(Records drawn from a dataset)
* * * * * * *
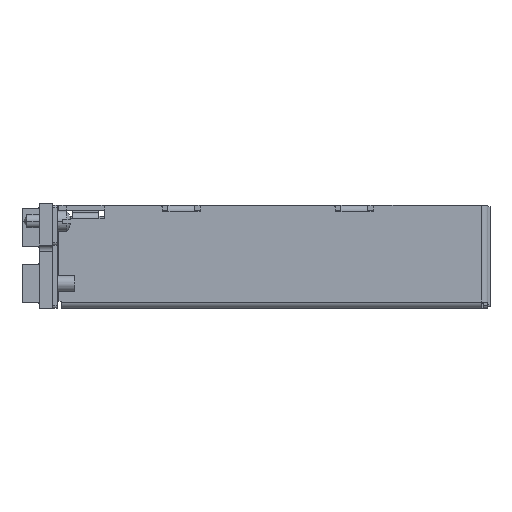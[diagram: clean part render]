
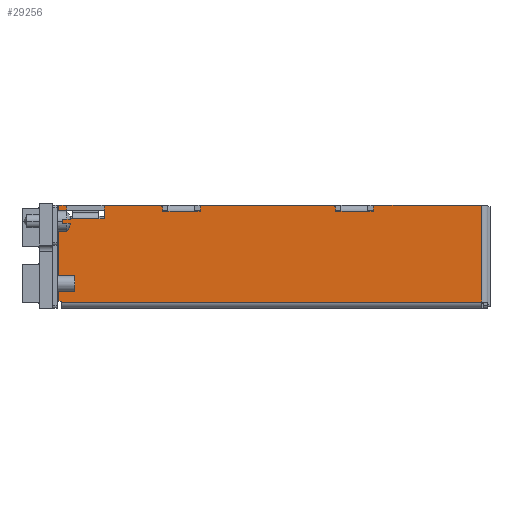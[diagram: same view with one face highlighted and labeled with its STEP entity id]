
A CAD part, front view. The second image highlights one B-rep face of the part: STEP entity #29256.
In plain terms, the highlighted planar face has unit normal (0, -1, 0).
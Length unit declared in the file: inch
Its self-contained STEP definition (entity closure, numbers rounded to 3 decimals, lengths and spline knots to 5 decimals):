
#5447=DIRECTION('',(0.,0.,-1.));
#5448=VECTOR('',#5447,0.082);
#5449=CARTESIAN_POINT('',(-3.129,0.7087,0.71099));
#5450=LINE('',#5449,#5448);
#5451=DIRECTION('',(1.,0.,0.));
#5452=VECTOR('',#5451,0.04);
#5453=CARTESIAN_POINT('',(-3.129,0.7087,0.62899));
#5454=LINE('',#5453,#5452);
#5455=DIRECTION('',(-1.,0.,0.));
#5456=VECTOR('',#5455,0.2);
#5457=CARTESIAN_POINT('',(-2.889,0.7087,0.62899));
#5458=LINE('',#5457,#5456);
#5459=DIRECTION('',(1.,0.,0.));
#5460=VECTOR('',#5459,0.04);
#5461=CARTESIAN_POINT('',(-2.889,0.7087,0.62899));
#5462=LINE('',#5461,#5460);
#5463=DIRECTION('',(0.,0.,-1.));
#5464=VECTOR('',#5463,0.082);
#5465=CARTESIAN_POINT('',(-2.849,0.7087,0.71099));
#5466=LINE('',#5465,#5464);
#5467=DIRECTION('',(0.,0.,-1.));
#5468=VECTOR('',#5467,0.026);
#5469=CARTESIAN_POINT('',(-2.415,0.7087,0.71099));
#5470=LINE('',#5469,#5468);
#5471=DIRECTION('',(-1.,0.,0.));
#5472=VECTOR('',#5471,0.04);
#5473=CARTESIAN_POINT('',(-2.375,0.7087,0.68499));
#5474=LINE('',#5473,#5472);
#5475=DIRECTION('',(-1.,0.,0.));
#5476=VECTOR('',#5475,0.2);
#5477=CARTESIAN_POINT('',(-2.175,0.7087,0.68499));
#5478=LINE('',#5477,#5476);
#5479=DIRECTION('',(-1.,0.,0.));
#5480=VECTOR('',#5479,0.04);
#5481=CARTESIAN_POINT('',(-2.135,0.7087,0.68499));
#5482=LINE('',#5481,#5480);
#5483=DIRECTION('',(0.,0.,-1.));
#5484=VECTOR('',#5483,0.026);
#5485=CARTESIAN_POINT('',(-2.135,0.7087,0.71099));
#5486=LINE('',#5485,#5484);
#5487=DIRECTION('',(0.,0.,-1.));
#5488=VECTOR('',#5487,0.026);
#5489=CARTESIAN_POINT('',(-1.125,0.7087,0.71099));
#5490=LINE('',#5489,#5488);
#5491=DIRECTION('',(1.,0.,0.));
#5492=VECTOR('',#5491,0.04);
#5493=CARTESIAN_POINT('',(-1.125,0.7087,0.68499));
#5494=LINE('',#5493,#5492);
#5495=DIRECTION('',(-1.,0.,0.));
#5496=VECTOR('',#5495,0.2);
#5497=CARTESIAN_POINT('',(-0.885,0.7087,0.68499));
#5498=LINE('',#5497,#5496);
#5499=DIRECTION('',(1.,0.,0.));
#5500=VECTOR('',#5499,0.04);
#5501=CARTESIAN_POINT('',(-0.885,0.7087,0.68499));
#5502=LINE('',#5501,#5500);
#5503=DIRECTION('',(0.,0.,-1.));
#5504=VECTOR('',#5503,0.026);
#5505=CARTESIAN_POINT('',(-0.845,0.7087,0.71099));
#5506=LINE('',#5505,#5504);
#5507=DIRECTION('',(0.,0.,1.));
#5508=VECTOR('',#5507,0.72099);
#5509=CARTESIAN_POINT('',(-0.035,0.7087,0.01));
#5510=LINE('',#5509,#5508);
#5511=DIRECTION('',(0.,0.,1.));
#5512=VECTOR('',#5511,0.00629);
#5513=CARTESIAN_POINT('',(-3.169,0.7087,0.01));
#5514=LINE('',#5513,#5512);
#5515=DIRECTION('',(-1.,0.,0.));
#5516=VECTOR('',#5515,0.02);
#5517=CARTESIAN_POINT('',(-3.169,0.7087,0.01629));
#5518=LINE('',#5517,#5516);
#5519=DIRECTION('',(0.,0.,1.));
#5520=VECTOR('',#5519,0.7147);
#5521=CARTESIAN_POINT('',(-3.189,0.7087,0.01629));
#5522=LINE('',#5521,#5520);
#5527=CARTESIAN_POINT('',(-3.149,0.7087,0.71099));
#5528=DIRECTION('',(0.,-1.,0.));
#5529=DIRECTION('',(1.,0.,0.));
#5530=AXIS2_PLACEMENT_3D('',#5527,#5528,#5529);
#5637=DIRECTION('',(-1.,0.,0.));
#5638=VECTOR('',#5637,0.04);
#5639=CARTESIAN_POINT('',(-3.149,0.7087,0.73099));
#5640=LINE('',#5639,#5638);
#5662=DIRECTION('',(-1.,0.,0.));
#5663=VECTOR('',#5662,3.134);
#5664=CARTESIAN_POINT('',(-0.035,0.7087,0.01));
#5665=LINE('',#5664,#5663);
#7899=DIRECTION('',(-1.,0.,0.));
#7900=VECTOR('',#7899,0.79);
#7901=CARTESIAN_POINT('',(-0.035,0.7087,0.73099));
#7902=LINE('',#7901,#7900);
#7907=CARTESIAN_POINT('',(-0.825,0.7087,0.71099));
#7908=DIRECTION('',(0.,-1.,0.));
#7909=DIRECTION('',(0.,0.,1.));
#7910=AXIS2_PLACEMENT_3D('',#7907,#7908,#7909);
#8009=CARTESIAN_POINT('',(-1.145,0.7087,0.71099));
#8010=DIRECTION('',(0.,-1.,0.));
#8011=DIRECTION('',(1.,0.,0.));
#8012=AXIS2_PLACEMENT_3D('',#8009,#8010,#8011);
#8023=DIRECTION('',(-1.,0.,0.));
#8024=VECTOR('',#8023,0.97);
#8025=CARTESIAN_POINT('',(-1.145,0.7087,0.73099));
#8026=LINE('',#8025,#8024);
#8040=CARTESIAN_POINT('',(-2.115,0.7087,0.71099));
#8041=DIRECTION('',(0.,-1.,0.));
#8042=DIRECTION('',(0.,0.,1.));
#8043=AXIS2_PLACEMENT_3D('',#8040,#8041,#8042);
#8142=CARTESIAN_POINT('',(-2.435,0.7087,0.71099));
#8143=DIRECTION('',(0.,-1.,0.));
#8144=DIRECTION('',(1.,0.,0.));
#8145=AXIS2_PLACEMENT_3D('',#8142,#8143,#8144);
#8147=DIRECTION('',(-1.,0.,0.));
#8148=VECTOR('',#8147,0.394);
#8149=CARTESIAN_POINT('',(-2.435,0.7087,0.73099));
#8150=LINE('',#8149,#8148);
#8155=CARTESIAN_POINT('',(-2.829,0.7087,0.71099));
#8156=DIRECTION('',(0.,-1.,0.));
#8157=DIRECTION('',(0.,0.,1.));
#8158=AXIS2_PLACEMENT_3D('',#8155,#8156,#8157);
#19840=CARTESIAN_POINT('',(-3.169,0.7087,0.01629));
#19842=VERTEX_POINT('',#19840);
#19861=CARTESIAN_POINT('',(-3.169,0.7087,0.01));
#19862=VERTEX_POINT('',#19861);
#19865=CARTESIAN_POINT('',(-3.189,0.7087,0.01629));
#19866=VERTEX_POINT('',#19865);
#19871=CARTESIAN_POINT('',(-3.189,0.7087,0.73099));
#19872=VERTEX_POINT('',#19871);
#19945=CARTESIAN_POINT('',(-0.035,0.7087,0.01));
#19946=VERTEX_POINT('',#19945);
#19951=CARTESIAN_POINT('',(-0.035,0.7087,0.73099));
#19952=VERTEX_POINT('',#19951);
#20087=CARTESIAN_POINT('',(-2.135,0.7087,0.68499));
#20089=VERTEX_POINT('',#20087);
#20091=CARTESIAN_POINT('',(-2.415,0.7087,0.68499));
#20093=VERTEX_POINT('',#20091);
#20103=CARTESIAN_POINT('',(-2.375,0.7087,0.68499));
#20104=VERTEX_POINT('',#20103);
#20105=CARTESIAN_POINT('',(-2.175,0.7087,0.68499));
#20106=VERTEX_POINT('',#20105);
#20120=CARTESIAN_POINT('',(-1.125,0.7087,0.68499));
#20122=VERTEX_POINT('',#20120);
#20124=CARTESIAN_POINT('',(-0.845,0.7087,0.68499));
#20126=VERTEX_POINT('',#20124);
#20139=CARTESIAN_POINT('',(-0.885,0.7087,0.68499));
#20140=VERTEX_POINT('',#20139);
#20141=CARTESIAN_POINT('',(-1.085,0.7087,0.68499));
#20142=VERTEX_POINT('',#20141);
#20152=CARTESIAN_POINT('',(-3.129,0.7087,0.62899));
#20154=VERTEX_POINT('',#20152);
#20156=CARTESIAN_POINT('',(-2.849,0.7087,0.62899));
#20158=VERTEX_POINT('',#20156);
#20163=CARTESIAN_POINT('',(-3.089,0.7087,0.62899));
#20164=VERTEX_POINT('',#20163);
#20165=CARTESIAN_POINT('',(-2.889,0.7087,0.62899));
#20166=VERTEX_POINT('',#20165);
#20317=CARTESIAN_POINT('',(-3.129,0.7087,0.71099));
#20319=VERTEX_POINT('',#20317);
#20321=CARTESIAN_POINT('',(-3.149,0.7087,0.73099));
#20322=VERTEX_POINT('',#20321);
#20325=CARTESIAN_POINT('',(-2.829,0.7087,0.73099));
#20327=VERTEX_POINT('',#20325);
#20329=CARTESIAN_POINT('',(-2.849,0.7087,0.71099));
#20330=VERTEX_POINT('',#20329);
#20334=CARTESIAN_POINT('',(-2.435,0.7087,0.73099));
#20336=VERTEX_POINT('',#20334);
#20339=CARTESIAN_POINT('',(-2.415,0.7087,0.71099));
#20340=VERTEX_POINT('',#20339);
#20342=CARTESIAN_POINT('',(-2.135,0.7087,0.71099));
#20344=VERTEX_POINT('',#20342);
#20347=CARTESIAN_POINT('',(-2.115,0.7087,0.73099));
#20348=VERTEX_POINT('',#20347);
#20349=CARTESIAN_POINT('',(-1.125,0.7087,0.71099));
#20351=VERTEX_POINT('',#20349);
#20353=CARTESIAN_POINT('',(-1.145,0.7087,0.73099));
#20354=VERTEX_POINT('',#20353);
#20357=CARTESIAN_POINT('',(-0.825,0.7087,0.73099));
#20359=VERTEX_POINT('',#20357);
#20361=CARTESIAN_POINT('',(-0.845,0.7087,0.71099));
#20362=VERTEX_POINT('',#20361);
#29190=CARTESIAN_POINT('',(0.,0.7087,0.73099));
#29191=DIRECTION('',(0.,1.,0.));
#29192=DIRECTION('',(-1.,0.,0.));
#29193=AXIS2_PLACEMENT_3D('',#29190,#29191,#29192);
#29194=PLANE('',#29193);
#29196=ORIENTED_EDGE('',*,*,#29195,.F.);
#29198=ORIENTED_EDGE('',*,*,#29197,.T.);
#29200=ORIENTED_EDGE('',*,*,#29199,.T.);
#29202=ORIENTED_EDGE('',*,*,#29201,.F.);
#29204=ORIENTED_EDGE('',*,*,#29203,.T.);
#29206=ORIENTED_EDGE('',*,*,#29205,.F.);
#29208=ORIENTED_EDGE('',*,*,#29207,.F.);
#29210=ORIENTED_EDGE('',*,*,#29209,.F.);
#29212=ORIENTED_EDGE('',*,*,#29211,.F.);
#29214=ORIENTED_EDGE('',*,*,#29213,.T.);
#29216=ORIENTED_EDGE('',*,*,#29215,.F.);
#29218=ORIENTED_EDGE('',*,*,#29217,.F.);
#29220=ORIENTED_EDGE('',*,*,#29219,.F.);
#29222=ORIENTED_EDGE('',*,*,#29221,.F.);
#29224=ORIENTED_EDGE('',*,*,#29223,.F.);
#29226=ORIENTED_EDGE('',*,*,#29225,.F.);
#29228=ORIENTED_EDGE('',*,*,#29227,.F.);
#29230=ORIENTED_EDGE('',*,*,#29229,.T.);
#29232=ORIENTED_EDGE('',*,*,#29231,.T.);
#29234=ORIENTED_EDGE('',*,*,#29233,.F.);
#29236=ORIENTED_EDGE('',*,*,#29235,.T.);
#29238=ORIENTED_EDGE('',*,*,#29237,.F.);
#29240=ORIENTED_EDGE('',*,*,#29239,.F.);
#29242=ORIENTED_EDGE('',*,*,#29241,.F.);
#29244=ORIENTED_EDGE('',*,*,#29243,.F.);
#29246=ORIENTED_EDGE('',*,*,#29245,.T.);
#29248=ORIENTED_EDGE('',*,*,#29247,.T.);
#29250=ORIENTED_EDGE('',*,*,#29249,.T.);
#29251=ORIENTED_EDGE('',*,*,#29184,.T.);
#29253=ORIENTED_EDGE('',*,*,#29252,.F.);
#29254=EDGE_LOOP('',(#29196,#29198,#29200,#29202,#29204,#29206,#29208,#29210,
#29212,#29214,#29216,#29218,#29220,#29222,#29224,#29226,#29228,#29230,#29232,
#29234,#29236,#29238,#29240,#29242,#29244,#29246,#29248,#29250,#29251,#29253));
#29255=FACE_OUTER_BOUND('',#29254,.F.);
#29256=ADVANCED_FACE('',(#29255),#29194,.F.);
#5531=CIRCLE('',#5530,0.02);
#7911=CIRCLE('',#7910,0.02);
#8013=CIRCLE('',#8012,0.02);
#8044=CIRCLE('',#8043,0.02);
#8146=CIRCLE('',#8145,0.02);
#8159=CIRCLE('',#8158,0.02);
#29184=EDGE_CURVE('',#19866,#19872,#5522,.T.);
#29195=EDGE_CURVE('',#20319,#20322,#5531,.T.);
#29197=EDGE_CURVE('',#20319,#20154,#5450,.T.);
#29199=EDGE_CURVE('',#20154,#20164,#5454,.T.);
#29201=EDGE_CURVE('',#20166,#20164,#5458,.T.);
#29203=EDGE_CURVE('',#20166,#20158,#5462,.T.);
#29205=EDGE_CURVE('',#20330,#20158,#5466,.T.);
#29207=EDGE_CURVE('',#20327,#20330,#8159,.T.);
#29209=EDGE_CURVE('',#20336,#20327,#8150,.T.);
#29211=EDGE_CURVE('',#20340,#20336,#8146,.T.);
#29213=EDGE_CURVE('',#20340,#20093,#5470,.T.);
#29215=EDGE_CURVE('',#20104,#20093,#5474,.T.);
#29217=EDGE_CURVE('',#20106,#20104,#5478,.T.);
#29219=EDGE_CURVE('',#20089,#20106,#5482,.T.);
#29221=EDGE_CURVE('',#20344,#20089,#5486,.T.);
#29223=EDGE_CURVE('',#20348,#20344,#8044,.T.);
#29225=EDGE_CURVE('',#20354,#20348,#8026,.T.);
#29227=EDGE_CURVE('',#20351,#20354,#8013,.T.);
#29229=EDGE_CURVE('',#20351,#20122,#5490,.T.);
#29231=EDGE_CURVE('',#20122,#20142,#5494,.T.);
#29233=EDGE_CURVE('',#20140,#20142,#5498,.T.);
#29235=EDGE_CURVE('',#20140,#20126,#5502,.T.);
#29237=EDGE_CURVE('',#20362,#20126,#5506,.T.);
#29239=EDGE_CURVE('',#20359,#20362,#7911,.T.);
#29241=EDGE_CURVE('',#19952,#20359,#7902,.T.);
#29243=EDGE_CURVE('',#19946,#19952,#5510,.T.);
#29245=EDGE_CURVE('',#19946,#19862,#5665,.T.);
#29247=EDGE_CURVE('',#19862,#19842,#5514,.T.);
#29249=EDGE_CURVE('',#19842,#19866,#5518,.T.);
#29252=EDGE_CURVE('',#20322,#19872,#5640,.T.);
* * * * * * *
→ **YOUR GOAL**
Of the entries above, repeat exactly the lines between the line with "#29209=EDGE_CURVE('',#20336,#20327,#8150,.T.);" and the line with "#29237=EDGE_CURVE('',#20362,#20126,#5506,.T.);", inclusive, and no others.

→ **RESPONSE BELOW**
#29209=EDGE_CURVE('',#20336,#20327,#8150,.T.);
#29211=EDGE_CURVE('',#20340,#20336,#8146,.T.);
#29213=EDGE_CURVE('',#20340,#20093,#5470,.T.);
#29215=EDGE_CURVE('',#20104,#20093,#5474,.T.);
#29217=EDGE_CURVE('',#20106,#20104,#5478,.T.);
#29219=EDGE_CURVE('',#20089,#20106,#5482,.T.);
#29221=EDGE_CURVE('',#20344,#20089,#5486,.T.);
#29223=EDGE_CURVE('',#20348,#20344,#8044,.T.);
#29225=EDGE_CURVE('',#20354,#20348,#8026,.T.);
#29227=EDGE_CURVE('',#20351,#20354,#8013,.T.);
#29229=EDGE_CURVE('',#20351,#20122,#5490,.T.);
#29231=EDGE_CURVE('',#20122,#20142,#5494,.T.);
#29233=EDGE_CURVE('',#20140,#20142,#5498,.T.);
#29235=EDGE_CURVE('',#20140,#20126,#5502,.T.);
#29237=EDGE_CURVE('',#20362,#20126,#5506,.T.);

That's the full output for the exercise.